Problem requirements
From the data below, retype exactly the lines starting with the one that contains "#609996 = DIRECTION" and ending with the one that contains "#718395 = VECTOR ( 'NONE', #749652, 1000. ) ;", both included.

Input for this task

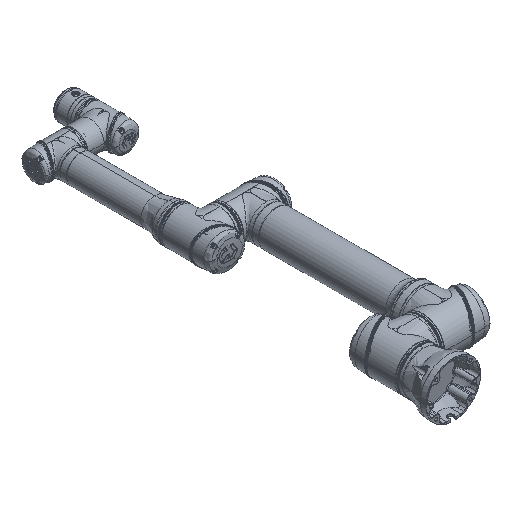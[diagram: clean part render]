
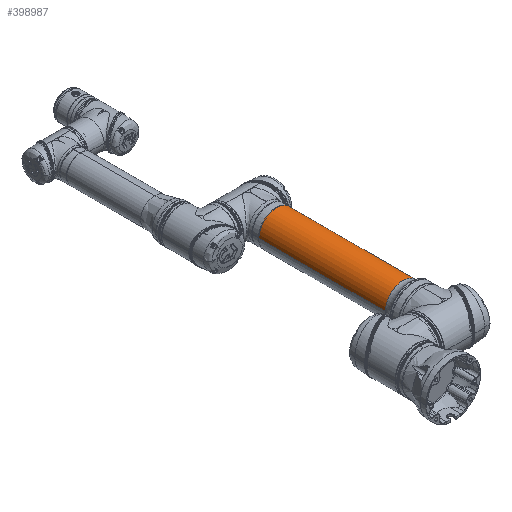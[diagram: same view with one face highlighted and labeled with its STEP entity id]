
A CAD part, isometric view. The second image highlights one B-rep face of the part: STEP entity #398987.
In plain terms, the highlighted cylindrical face has radius 48.5 mm (diameter 97 mm), a partial arc.
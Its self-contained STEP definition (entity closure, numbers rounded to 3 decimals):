
#44470 = CARTESIAN_POINT ( 'NONE',  ( 62.9, 0., -141. ) ) ;
#85947 = DIRECTION ( 'NONE',  ( 0., 0., 1. ) ) ;
#88571 = CARTESIAN_POINT ( 'NONE',  ( 116.698, 0., -189.5 ) ) ;
#92556 = EDGE_CURVE ( 'NONE', #229608, #375885, #174142, .T. ) ;
#95924 = EDGE_CURVE ( 'NONE', #229608, #774337, #563112, .T. ) ;
#107502 = CARTESIAN_POINT ( 'NONE',  ( 116.698, 0., -92.5 ) ) ;
#119075 = VERTEX_POINT ( 'NONE', #107502 ) ;
#121406 = DIRECTION ( 'NONE',  ( -1., 0., 0. ) ) ;
#127596 = ORIENTED_EDGE ( 'NONE', *, *, #92556, .F. ) ;
#136970 = CIRCLE ( 'NONE', #327559, 48.5 ) ;
#137536 = CARTESIAN_POINT ( 'NONE',  ( 463.7, 0., -189.5 ) ) ;
#144036 = AXIS2_PLACEMENT_3D ( 'NONE', #411610, #121406, #609996 ) ;
#174142 = LINE ( 'NONE', #447798, #718395 ) ;
#174636 = CARTESIAN_POINT ( 'NONE',  ( 62.9, 0., -92.5 ) ) ;
#182138 = FACE_OUTER_BOUND ( 'NONE', #443968, .T. ) ;
#187981 = AXIS2_PLACEMENT_3D ( 'NONE', #44470, #424526, #223256 ) ;
#208962 = DIRECTION ( 'NONE',  ( 1., 0., 0. ) ) ;
#223256 = DIRECTION ( 'NONE',  ( 0., 0., 1. ) ) ;
#229608 = VERTEX_POINT ( 'NONE', #137536 ) ;
#245706 = CYLINDRICAL_SURFACE ( 'NONE', #187981, 48.5 ) ;
#270718 = EDGE_CURVE ( 'NONE', #119075, #375885, #136970, .T. ) ;
#327559 = AXIS2_PLACEMENT_3D ( 'NONE', #689652, #208962, #85947 ) ;
#354588 = EDGE_CURVE ( 'NONE', #774337, #119075, #603617, .T. ) ;
#375885 = VERTEX_POINT ( 'NONE', #88571 ) ;
#398987 = ADVANCED_FACE ( 'NONE', ( #182138 ), #245706, .T. ) ;
#411610 = CARTESIAN_POINT ( 'NONE',  ( 463.7, 0., -141. ) ) ;
#424526 = DIRECTION ( 'NONE',  ( -1., 0., 0. ) ) ;
#443968 = EDGE_LOOP ( 'NONE', ( #127596, #733018, #627207, #500351 ) ) ;
#447798 = CARTESIAN_POINT ( 'NONE',  ( 62.9, 0., -189.5 ) ) ;
#480530 = DIRECTION ( 'NONE',  ( -1., 0., 0. ) ) ;
#500351 = ORIENTED_EDGE ( 'NONE', *, *, #270718, .T. ) ;
#563112 = CIRCLE ( 'NONE', #144036, 48.5 ) ;
#603617 = LINE ( 'NONE', #174636, #752342 ) ;
#609996 = DIRECTION ( 'NONE',  ( 0., 0., 1. ) ) ;
#627207 = ORIENTED_EDGE ( 'NONE', *, *, #354588, .T. ) ;
#689652 = CARTESIAN_POINT ( 'NONE',  ( 116.698, 0., -141. ) ) ;
#718395 = VECTOR ( 'NONE', #749652, 1000. ) ;
#733018 = ORIENTED_EDGE ( 'NONE', *, *, #95924, .T. ) ;
#742237 = CARTESIAN_POINT ( 'NONE',  ( 463.7, 0., -92.5 ) ) ;
#749652 = DIRECTION ( 'NONE',  ( -1., 0., 0. ) ) ;
#752342 = VECTOR ( 'NONE', #480530, 1000. ) ;
#774337 = VERTEX_POINT ( 'NONE', #742237 ) ;

Solution to this problem
#609996 = DIRECTION ( 'NONE',  ( 0., 0., 1. ) ) ;
#627207 = ORIENTED_EDGE ( 'NONE', *, *, #354588, .T. ) ;
#689652 = CARTESIAN_POINT ( 'NONE',  ( 116.698, 0., -141. ) ) ;
#718395 = VECTOR ( 'NONE', #749652, 1000. ) ;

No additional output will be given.